XTM vs RDF/OWL?

Background on the above issue, plus links to others then pursuing the same conversions appear in this 8/15/05 writeup (copy in /patterns) which a few of us in BioPAX tried to help Nada submit (unsuccessfully) for ad hoc funding by Google.

[Update of 6/30/08: This conversion (equivalence?) problem has long been significant for Modeler.  It needs to output EITHER of the above formats, in the UMLS ontologies of choice.  It can, by using appropriate screen scrapers - or go to CTM or Common Logic, or IKL, or CGIF or whatever   We plan to keep Lextender a format-agnostic doc tool; add Turtle support in it for SW semantic net menory systems; focus new work for both BioPax and NLU on portable associations [4] and PSAIDs [6], and wrap all Java APIs in Lisp or WORDS predicates.]

[1] http://www.nadahashmi.com/SummerOfCode.htm 

This spinoff proposal remains on the BioPAX wiki (copy in /patterns).  It expresses an approach to releasing formal OWL-DL ontologies via Modeler, which would better exploit modularity and require better documentation

[2] http://biopaxwiki.org/cgi-bin/moin.cgi/ReleaseToolsProposal

Independently, it also spec'd Barry Smith's conventions on modeling physical things, which at the time seemed a good idea because they linked BioPAX to OBO...

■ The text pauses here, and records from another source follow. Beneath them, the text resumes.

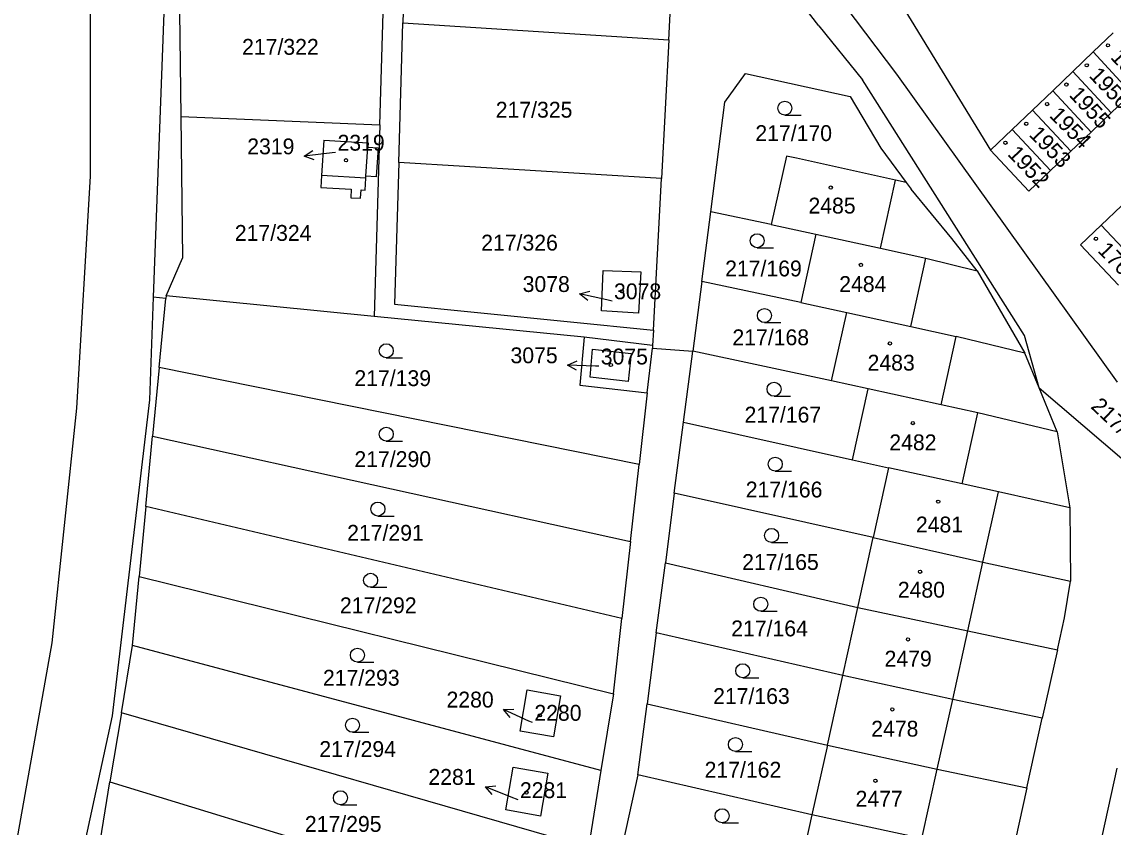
# Model space of a CAD drawing. Extents: x -735249 to -729401, y -1124843 to -1121828.
# Drawn here: x -733530.7 to -733413.7, y -1123306 to -1123219.6 of the extents above; entities that cross this region are included whole.
import ezdxf

# ---------------------------------------------------------------- set-up
doc = ezdxf.new("R2010")
doc.units = 0
for name, color, linetype in [('Vrstva 1', 7, 'Continuous'), ('Vrstva 10', 7, 'Continuous'), ('Vrstva 16', 7, 'Continuous'), ('Vrstva 18', 7, 'Continuous'), ('Vrstva 19', 7, 'Continuous'), ('Vrstva 25', 7, 'Continuous'), ('Vrstva 4', 7, 'Continuous')]:
    doc.layers.add(name, color=color, linetype=linetype)

msp = doc.modelspace()

# ---------------------------------------------------------------- linework, layer by layer
at = {"layer": 'Vrstva 1'}
for points in [[(-733489.4, -1123205.23), (-733489.83, -1123219.75)], [(-733461.33, -1123221.58), (-733460.56, -1123206.78)], [(-733513.86, -1123210.14), (-733513.63, -1123229.78)], [(-733445.22, -1123220.07), (-733453.22, -1123209.75)], [(-733492.29, -1123230.67), (-733491.71, -1123211.42)], [(-733515.24, -1123212.91), (-733516.59, -1123249.17)], [(-733438.67, -1123214.02), (-733426.82, -1123233.39)], [(-733442.46, -1123217.92), (-733436.9, -1123225.24)], [(-733490.27, -1123234.73), (-733489.83, -1123219.75)], [(-733489.83, -1123219.75), (-733461.33, -1123221.58)], [(-733445.22, -1123220.07), (-733440.54, -1123225.84)], [(-733415.84, -1123222.87), (-733413.67, -1123220.8)], [(-733461.33, -1123221.58), (-733462.11, -1123236.43)], [(-733418.01, -1123224.95), (-733415.84, -1123222.87)], [(-733415.84, -1123222.87), (-733411.73, -1123227.31)], [(-733455.31, -1123228.25), (-733453.09, -1123225.16)], [(-733453.09, -1123225.16), (-733441.86, -1123227.64)], [(-733436.9, -1123225.24), (-733413.25, -1123258.27)], [(-733420.17, -1123227.02), (-733418.01, -1123224.95)], [(-733418.01, -1123224.95), (-733413.9, -1123229.38)], [(-733423.18, -1123253.26), (-733440.54, -1123225.84)], [(-733441.86, -1123227.64), (-733438.58, -1123233.19)], [(-733422.34, -1123229.1), (-733420.17, -1123227.02)], [(-733420.17, -1123227.02), (-733416.06, -1123231.45)], [(-733413.9, -1123229.38), (-733411.73, -1123227.31)], [(-733456.83, -1123240), (-733455.31, -1123228.25)], [(-733424.5, -1123231.17), (-733422.34, -1123229.1)], [(-733418.23, -1123233.52), (-733422.34, -1123229.1)], [(-733513.63, -1123229.78), (-733492.29, -1123230.67)], [(-733513.63, -1123229.78), (-733513.46, -1123244.99)], [(-733416.06, -1123231.45), (-733413.9, -1123229.38)], [(-733492.29, -1123230.67), (-733492.9, -1123251.23)], [(-733426.82, -1123233.39), (-733424.5, -1123231.17)], [(-733424.5, -1123231.17), (-733420.39, -1123235.59)], [(-733418.23, -1123233.52), (-733416.06, -1123231.45)], [(-733498.31, -1123232.32), (-733498.54, -1123236.11)], [(-733498.31, -1123232.32), (-733493.56, -1123232.62)], [(-733493.56, -1123232.62), (-733493.59, -1123233.06)], [(-733493.59, -1123233.06), (-733492.48, -1123233.13)], [(-733492.48, -1123233.13), (-733492.68, -1123236.24)], [(-733438.58, -1123233.19), (-733435.88, -1123236.86)], [(-733426.82, -1123233.39), (-733422.71, -1123237.8)], [(-733420.39, -1123235.59), (-733418.23, -1123233.52)], [(-733490.27, -1123234.73), (-733490.72, -1123249.89)], [(-733462.11, -1123236.43), (-733490.27, -1123234.73)], [(-733448.71, -1123234.03), (-733450.33, -1123241.36)], [(-733447.64, -1123234.27), (-733448.71, -1123234.03)], [(-733437.03, -1123236.61), (-733447.64, -1123234.27)], [(-733498.54, -1123236.11), (-733498.62, -1123237.39)], [(-733422.71, -1123237.8), (-733420.39, -1123235.59)], [(-733493.88, -1123237.68), (-733493.8, -1123236.41)], [(-733493.8, -1123236.41), (-733493.78, -1123236.18)], [(-733492.68, -1123236.24), (-733493.78, -1123236.18)], [(-733462.96, -1123252.68), (-733462.11, -1123236.43)], [(-733435.88, -1123236.86), (-733437.03, -1123236.61)], [(-733435.88, -1123236.86), (-733435.35, -1123237.59)], [(-733498.62, -1123237.39), (-733495.36, -1123237.59)], [(-733495.36, -1123237.59), (-733495.41, -1123238.5)], [(-733494.37, -1123238.56), (-733494.31, -1123237.66)], [(-733494.31, -1123237.66), (-733493.88, -1123237.68)], [(-733430.99, -1123242.86), (-733435.35, -1123237.59)], [(-733495.41, -1123238.5), (-733494.37, -1123238.56)], [(-733412.78, -1123239.37), (-733414.97, -1123241.45)], [(-733457.79, -1123247.47), (-733456.83, -1123240)], [(-733450.33, -1123241.36), (-733456.83, -1123240)], [(-733450.33, -1123241.36), (-733445.54, -1123242.41)], [(-733414.97, -1123241.45), (-733417.17, -1123243.56)], [(-733414.97, -1123241.45), (-733410.9, -1123245.75)], [(-733445.54, -1123242.41), (-733447.16, -1123249.72)], [(-733445.54, -1123242.41), (-733438.64, -1123243.91)], [(-733428.27, -1123246.33), (-733430.99, -1123242.86)], [(-733438.64, -1123243.91), (-733433.77, -1123244.98)], [(-733417.17, -1123243.56), (-733413.1, -1123247.86)], [(-733515.21, -1123249.03), (-733513.46, -1123244.99)], [(-733433.77, -1123244.98), (-733428.27, -1123246.33)], [(-733468.55, -1123250.63), (-733468.34, -1123246.29)], [(-733468.34, -1123246.29), (-733464.3, -1123246.45)], [(-733464.3, -1123246.45), (-733464.56, -1123250.87)], [(-733428.27, -1123246.33), (-733423.15, -1123255.15)], [(-733457.79, -1123247.47), (-733458.76, -1123254.94)], [(-733447.16, -1123249.72), (-733457.79, -1123247.47)], [(-733516.59, -1123249.17), (-733517, -1123260.17)], [(-733515.24, -1123249.31), (-733516.59, -1123249.17)], [(-733515.94, -1123256.68), (-733515.24, -1123249.31)], [(-733515.21, -1123249.03), (-733515.24, -1123249.31)], [(-733492.9, -1123251.23), (-733515.21, -1123249.03)], [(-733490.72, -1123249.89), (-733462.96, -1123252.68)], [(-733447.16, -1123249.72), (-733442.25, -1123250.8)], [(-733470.4, -1123253.46), (-733492.9, -1123251.23)], [(-733464.56, -1123250.87), (-733468.55, -1123250.63)], [(-733443.87, -1123258.12), (-733442.25, -1123250.8)], [(-733442.25, -1123250.8), (-733435.38, -1123252.3)], [(-733435.38, -1123252.3), (-733430.5, -1123253.38)], [(-733470.4, -1123253.46), (-733470.84, -1123258.6)], [(-733463.05, -1123254.33), (-733470.4, -1123253.46)], [(-733462.96, -1123252.68), (-733463.05, -1123254.33)], [(-733423.15, -1123255.15), (-733430.5, -1123253.38)], [(-733421.63, -1123258.87), (-733423.18, -1123253.26)], [(-733463.62, -1123259.42), (-733463.08, -1123254.64)], [(-733463.05, -1123254.33), (-733463.08, -1123254.64)], [(-733463.08, -1123254.64), (-733458.76, -1123254.94)], [(-733459.74, -1123262.56), (-733458.76, -1123254.94)], [(-733443.87, -1123258.12), (-733458.76, -1123254.94)], [(-733421.63, -1123258.87), (-733423.15, -1123255.15)], [(-733515.94, -1123256.68), (-733516.65, -1123264.06)], [(-733464.49, -1123267.08), (-733515.94, -1123256.68)], [(-733439.95, -1123258.99), (-733443.87, -1123258.12)], [(-733470.84, -1123258.6), (-733463.62, -1123259.42)], [(-733463.62, -1123259.42), (-733464.49, -1123267.08)], [(-733441.63, -1123266.6), (-733439.95, -1123258.99)], [(-733432.12, -1123260.69), (-733439.95, -1123258.99)], [(-733421.63, -1123258.87), (-733396.24, -1123280.58)], [(-733419.7, -1123263.6), (-733421.63, -1123258.87)], [(-733517, -1123260.17), (-733520.99, -1123294.03)], [(-733428.2, -1123261.56), (-733432.12, -1123260.69)], [(-733419.7, -1123263.6), (-733428.2, -1123261.56)], [(-733460.73, -1123270.18), (-733459.74, -1123262.56)], [(-733459.74, -1123262.56), (-733441.63, -1123266.6)], [(-733517.37, -1123271.61), (-733516.65, -1123264.06)], [(-733516.65, -1123264.06), (-733465.42, -1123275.34)], [(-733419.7, -1123263.6), (-733418.33, -1123271.74)], [(-733465.42, -1123275.34), (-733464.49, -1123267.08)], [(-733441.63, -1123266.6), (-733437.77, -1123267.46)], [(-733437.77, -1123267.46), (-733439.41, -1123274.93)], [(-733429.88, -1123269.17), (-733437.77, -1123267.46)], [(-733425.98, -1123270.03), (-733429.88, -1123269.17)], [(-733418.33, -1123271.74), (-733425.98, -1123270.03)], [(-733460.73, -1123270.18), (-733461.69, -1123277.65)], [(-733439.41, -1123274.93), (-733460.73, -1123270.18)], [(-733517.37, -1123271.61), (-733518.09, -1123279.11)], [(-733466.35, -1123283.6), (-733517.37, -1123271.61)], [(-733418.33, -1123271.74), (-733418.27, -1123279.59)], [(-733465.42, -1123275.34), (-733466.35, -1123283.6)], [(-733441.07, -1123282.42), (-733439.41, -1123274.93)], [(-733439.41, -1123274.93), (-733427.64, -1123277.56)], [(-733462.66, -1123285.13), (-733461.69, -1123277.65)], [(-733461.69, -1123277.65), (-733441.07, -1123282.42)], [(-733427.64, -1123277.56), (-733418.27, -1123279.59)], [(-733518.8, -1123286.5), (-733518.09, -1123279.11)], [(-733518.09, -1123279.11), (-733467.26, -1123291.68)], [(-733418.9, -1123283.55), (-733418.27, -1123279.59)], [(-733442.68, -1123289.72), (-733441.07, -1123282.42)], [(-733441.07, -1123282.42), (-733429.26, -1123284.91)], [(-733467.26, -1123291.68), (-733466.35, -1123283.6)], [(-733419.65, -1123286.97), (-733418.9, -1123283.55)], [(-733462.66, -1123285.13), (-733463.64, -1123292.75)], [(-733442.68, -1123289.72), (-733462.66, -1123285.13)], [(-733429.26, -1123284.91), (-733419.65, -1123286.97)], [(-733520, -1123293.73), (-733518.8, -1123286.5)], [(-733468.59, -1123299.9), (-733518.8, -1123286.5)], [(-733419.65, -1123286.97), (-733421.28, -1123294.3)], [(-733444.32, -1123297.2), (-733442.68, -1123289.72)], [(-733430.89, -1123292.28), (-733442.68, -1123289.72)], [(-733477.26, -1123295.69), (-733476.5, -1123291.27)], [(-733476.5, -1123291.27), (-733472.92, -1123291.88)], [(-733472.92, -1123291.88), (-733473.68, -1123296.3)], [(-733467.26, -1123291.68), (-733468.59, -1123299.9)], [(-733421.28, -1123294.3), (-733430.89, -1123292.28)], [(-733464.63, -1123300.37), (-733463.64, -1123292.75)], [(-733463.64, -1123292.75), (-733444.32, -1123297.2)], [(-733520.99, -1123294.03), (-733532.59, -1123347.6)], [(-733520, -1123293.73), (-733521.22, -1123301.11)], [(-733469.93, -1123308.16), (-733520, -1123293.73)], [(-733422.93, -1123301.77), (-733421.28, -1123294.3)], [(-733473.68, -1123296.3), (-733477.26, -1123295.69)], [(-733444.32, -1123297.2), (-733445.97, -1123304.67)], [(-733444.32, -1123297.2), (-733432.54, -1123299.75)], [(-733478.78, -1123304.13), (-733477.99, -1123299.54)], [(-733477.99, -1123299.54), (-733474.28, -1123300.18)], [(-733474.28, -1123300.18), (-733475.07, -1123304.78)], [(-733468.59, -1123299.9), (-733469.93, -1123308.16)], [(-733464.63, -1123300.37), (-733466.25, -1123307.69)], [(-733445.97, -1123304.67), (-733464.63, -1123300.37)], [(-733432.54, -1123299.75), (-733422.93, -1123301.77)], [(-733414.87, -1123306.99), (-733413.24, -1123299.66)], [(-733522.43, -1123308.45), (-733521.22, -1123301.11)], [(-733521.22, -1123301.11), (-733471.27, -1123316.42)], [(-733422.93, -1123301.77), (-733424.59, -1123309.24)], [(-733475.07, -1123304.78), (-733478.78, -1123304.13)], [(-733445.97, -1123304.67), (-733447.59, -1123311.99)], [(-733434.18, -1123307.2), (-733445.97, -1123304.67)]]:
    msp.add_lwpolyline(points, dxfattribs=at)
at = {"layer": 'Vrstva 10'}
msp.add_lwpolyline([(-733554.55, -1122875.4), (-733527.93, -1123135.14), (-733525.72, -1123160.85), (-733524.03, -1123186.32), (-733523.36, -1123211.8), (-733523.33, -1123236.18), (-733524.81, -1123261.05), (-733527.46, -1123286.21), (-733536.18, -1123335), (-733548.72, -1123382.9), (-733557.6, -1123406.95), (-733565.8, -1123430.03), (-733599.27, -1123511.46), (-733632.77, -1123591.76), (-733662.7, -1123662.58), (-733683.9, -1123713.51), (-733745.65, -1123859.1)], dxfattribs=at)
at = {"layer": 'Vrstva 16'}
for points in [[(-733497.03, -1123233.65), (-733497.42, -1123233.7)], [(-733467.39, -1123249.58), (-733467.95, -1123249.45)], [(-733468.81, -1123256.57), (-733469.18, -1123256.56)], [(-733475.93, -1123294.77), (-733476.31, -1123294.6)], [(-733477.48, -1123303.06), (-733478.2, -1123302.77)]]:
    msp.add_lwpolyline(points, dxfattribs=at)
at = {"layer": 'Vrstva 25'}
for points in [[(-733448.88, -1123229.64), (-733447.13, -1123229.64)], [(-733499.349, -1123234.426), (-733500.4, -1123234.044), (-733499.464, -1123233.434)], [(-733497.42, -1123233.7), (-733500.4, -1123234.044)], [(-733451.85, -1123243.85), (-733450.1, -1123243.85)], [(-733470.01, -1123249.501), (-733470.877, -1123248.796), (-733469.792, -1123248.526)], [(-733467.95, -1123249.45), (-733470.877, -1123248.796)], [(-733451.07, -1123251.88), (-733449.32, -1123251.88)], [(-733491.6, -1123255.65), (-733489.85, -1123255.65)], [(-733471.198, -1123256.979), (-733472.177, -1123256.44), (-733471.158, -1123255.981)], [(-733469.18, -1123256.56), (-733472.177, -1123256.44)], [(-733450.04, -1123259.78), (-733448.29, -1123259.78)], [(-733491.6, -1123264.59), (-733489.85, -1123264.59)], [(-733449.91, -1123267.81), (-733448.16, -1123267.81)], [(-733492.5, -1123272.62), (-733490.75, -1123272.62)], [(-733450.3, -1123275.45), (-733448.55, -1123275.45)], [(-733493.28, -1123280.26), (-733491.53, -1123280.26)], [(-733451.46, -1123282.83), (-733449.71, -1123282.83)], [(-733494.7, -1123288.29), (-733492.95, -1123288.29)], [(-733453.4, -1123289.96), (-733451.65, -1123289.96)], [(-733478.336, -1123294.223), (-733479.037, -1123293.352), (-733477.92, -1123293.313)], [(-733476.31, -1123294.6), (-733479.037, -1123293.352)], [(-733495.22, -1123295.8), (-733493.47, -1123295.8)], [(-733454.18, -1123297.86), (-733452.43, -1123297.86)], [(-733480.241, -1123302.481), (-733480.979, -1123301.642), (-733479.864, -1123301.555)], [(-733478.2, -1123302.77), (-733480.979, -1123301.642)], [(-733496.52, -1123303.57), (-733494.77, -1123303.57)], [(-733455.61, -1123305.5), (-733453.86, -1123305.5)]]:
    msp.add_lwpolyline(points, dxfattribs=at)
for centre, radius in [((-733414.24, -1123222.16), 0.175), ((-733416.51, -1123224.3), 0.175), ((-733418.69, -1123226.37), 0.175), ((-733448.88, -1123228.89), 0.75), ((-733420.77, -1123228.46), 0.175), ((-733423, -1123230.56), 0.175), ((-733425.24, -1123232.6), 0.175), ((-733495.92, -1123234.48), 0.175), ((-733443.96, -1123237.41), 0.175), ((-733451.85, -1123243.1), 0.75), ((-733415.53, -1123242.9), 0.175), ((-733440.73, -1123245.7), 0.175), ((-733466.35, -1123248.53), 0.175), ((-733451.07, -1123251.13), 0.75), ((-733491.6, -1123254.9), 0.75), ((-733437.62, -1123254.12), 0.175), ((-733467.52, -1123256.43), 0.175), ((-733450.04, -1123259.03), 0.75), ((-733435.16, -1123262.66), 0.175), ((-733491.6, -1123263.84), 0.75), ((-733449.91, -1123267.06), 0.75), ((-733492.5, -1123271.87), 0.75), ((-733432.44, -1123271.08), 0.175), ((-733450.3, -1123274.7), 0.75), ((-733493.28, -1123279.51), 0.75), ((-733434.38, -1123278.59), 0.175), ((-733451.46, -1123282.08), 0.75), ((-733435.68, -1123285.85), 0.175), ((-733494.7, -1123287.54), 0.75), ((-733453.4, -1123289.21), 0.75), ((-733437.36, -1123293.36), 0.175), ((-733495.22, -1123295.05), 0.75), ((-733475.15, -1123293.99), 0.175), ((-733454.18, -1123297.11), 0.75), ((-733439.17, -1123301), 0.175), ((-733496.52, -1123302.82), 0.75), ((-733476.58, -1123302.27), 0.175), ((-733455.61, -1123304.75), 0.75)]:
    msp.add_circle(centre, radius, dxfattribs=at)
at = {"layer": 'Vrstva 4'}
for points in [[(-733493.78, -1123236.18), (-733493.59, -1123233.06)], [(-733493.8, -1123236.41), (-733498.54, -1123236.11)], [(-733438.64, -1123243.91), (-733437.03, -1123236.61)], [(-733435.38, -1123252.3), (-733433.77, -1123244.98)], [(-733432.12, -1123260.69), (-733430.5, -1123253.38)], [(-733469.73, -1123257.73), (-733469.5, -1123254.73)], [(-733469.5, -1123254.73), (-733465.36, -1123255.2)], [(-733465.36, -1123255.2), (-733465.68, -1123258.19)], [(-733465.68, -1123258.19), (-733469.73, -1123257.73)], [(-733429.88, -1123269.17), (-733428.2, -1123261.56)], [(-733427.64, -1123277.56), (-733425.98, -1123270.03)], [(-733429.26, -1123284.91), (-733427.64, -1123277.56)], [(-733430.89, -1123292.28), (-733429.26, -1123284.91)], [(-733432.54, -1123299.75), (-733430.89, -1123292.28)], [(-733434.18, -1123307.2), (-733432.54, -1123299.75)]]:
    msp.add_lwpolyline(points, dxfattribs=at)

# ---------------------------------------------------------------- texts
at = {"layer": 'Vrstva 16'}
for s, p in [('2319', (-733506.506, -1123233.84)), ('3078', (-733476.986, -1123248.6)), ('3075', (-733478.286, -1123256.24)), ('2280', (-733485.146, -1123293.15)), ('2281', (-733487.086, -1123301.44))]:
    msp.add_text(s, height=1.7, dxfattribs=at).set_placement(p)
at = {"layer": 'Vrstva 18'}
for s, p in [('217/322', (-733507.06, -1123223.17)), ('217/325', (-733479.87, -1123229.91)), ('217/170', (-733452.04, -1123232.42)), ('217/324', (-733507.84, -1123243.12)), ('217/326', (-733481.43, -1123244.16)), ('217/169', (-733455.28, -1123246.93)), ('217/168', (-733454.5, -1123254.31)), ('217/139', (-733495.02, -1123258.69)), ('217/167', (-733453.2, -1123262.6)), ('217/290', (-733495.02, -1123267.37)), ('217/166', (-733453.07, -1123270.63)), ('217/291', (-733495.8, -1123275.27)), ('217/165', (-733453.46, -1123278.4)), ('217/292', (-733496.57, -1123283.04)), ('217/164', (-733454.63, -1123285.52)), ('217/293', (-733498.39, -1123290.81)), ('217/163', (-733456.57, -1123292.77)), ('217/294', (-733498.78, -1123298.45)), ('217/162', (-733457.48, -1123300.67)), ('217/295', (-733500.33, -1123306.48))]:
    msp.add_text(s, height=1.7, dxfattribs=at).set_placement(p)
msp.add_text('217/117', height=1.7, rotation=316.60252, dxfattribs=at).set_placement((-733416.168, -1123260.983))
at = {"layer": 'Vrstva 19'}
for s, rotation, p in [('1957', 313.10249, (-733414.058, -1123223.499)), ('1956', 313.40249, (-733416.358, -1123225.477)), ('1955', 312.70249, (-733418.498, -1123227.531)), ('1954', 314.2025, (-733420.608, -1123229.763)), ('1953', 314.0025, (-733422.788, -1123231.804)), ('1952', 313.40249, (-733425.088, -1123233.887)), ('1765', 314.4025, (-733415.438, -1123244.232))]:
    msp.add_text(s, height=1.7, rotation=rotation, dxfattribs=at).set_placement(p)
for s, p in [('2319', (-733496.83, -1123233.45)), ('2485', (-733446.35, -1123240.19)), ('3078', (-733467.19, -1123249.38)), ('2484', (-733443.05, -1123248.6)), ('3075', (-733468.61, -1123256.37)), ('2483', (-733440.01, -1123257.03)), ('2482', (-733437.68, -1123265.57)), ('2481', (-733434.83, -1123274.38)), ('2480', (-733436.77, -1123281.37)), ('2479', (-733438.19, -1123288.76)), ('2280', (-733475.73, -1123294.57)), ('2478', (-733439.62, -1123296.27)), ('2281', (-733477.28, -1123302.86)), ('2477', (-733441.3, -1123303.78))]:
    msp.add_text(s, height=1.7, dxfattribs=at).set_placement(p)

doc.saveas('drawing.dxf')

[3] http://biopaxwiki.org/cgi-bin/moin.cgi/CorePhysicalOntologyGuide

An important OWL-DL assoc-topic design pattern on associations and topics was spec'd (and later tested) that could (almost) formally re-express these key XTM objects as restricted classes.  Note: [4] does not allow Occurrences to have scope.  To fix, define them as a blank node with DataProperty String value(s) and ObjectProperty scoping topic(s).. 

[4] http://www.lexikos.com/exhibit/cms/biopax/assoc-topic.ttl

A second worked example below shows how this ontology works for a complex "attachment" model, which was at the time driving people crazy with alternate models of the same thing.  . 
.
[5] http://www.lexikos.com/exhibit/cms/biopax/attachments.ttl

Better documentation and added care on physical/abstract conflation were to be enforced by requiring PSAIDs as part of the registration process for terms in each ontology module.  That could be conveniently asembled in Modeler from various sources.

[6] http://biopaxwiki.org/cgi-bin/moin.cgi/Self-Annotating_Identifers

A bulk data import service from existing data bases that could implicitly add PSAIDs to children of BioPAX classes, and help validate them, was also suggested as a new web service:

[7] http://www.lexikos.com/exhibit/10questions/interactions.jsp

An alternative import process would involve selectively scraping the screens of a loaded Modeler, with a scraper-embedded translation that used [4] and [6], as further discusssed in....

[8] http://www.lexikos.com/exhibit/cms/biopax/usecases.htm

None of the BioPAX proposals have (yet) borne fruit, as they arose just as a major group schism was erupting over the necessity of consistency in OWL models.  It grew, virtually ended effective group work, and persists to this day.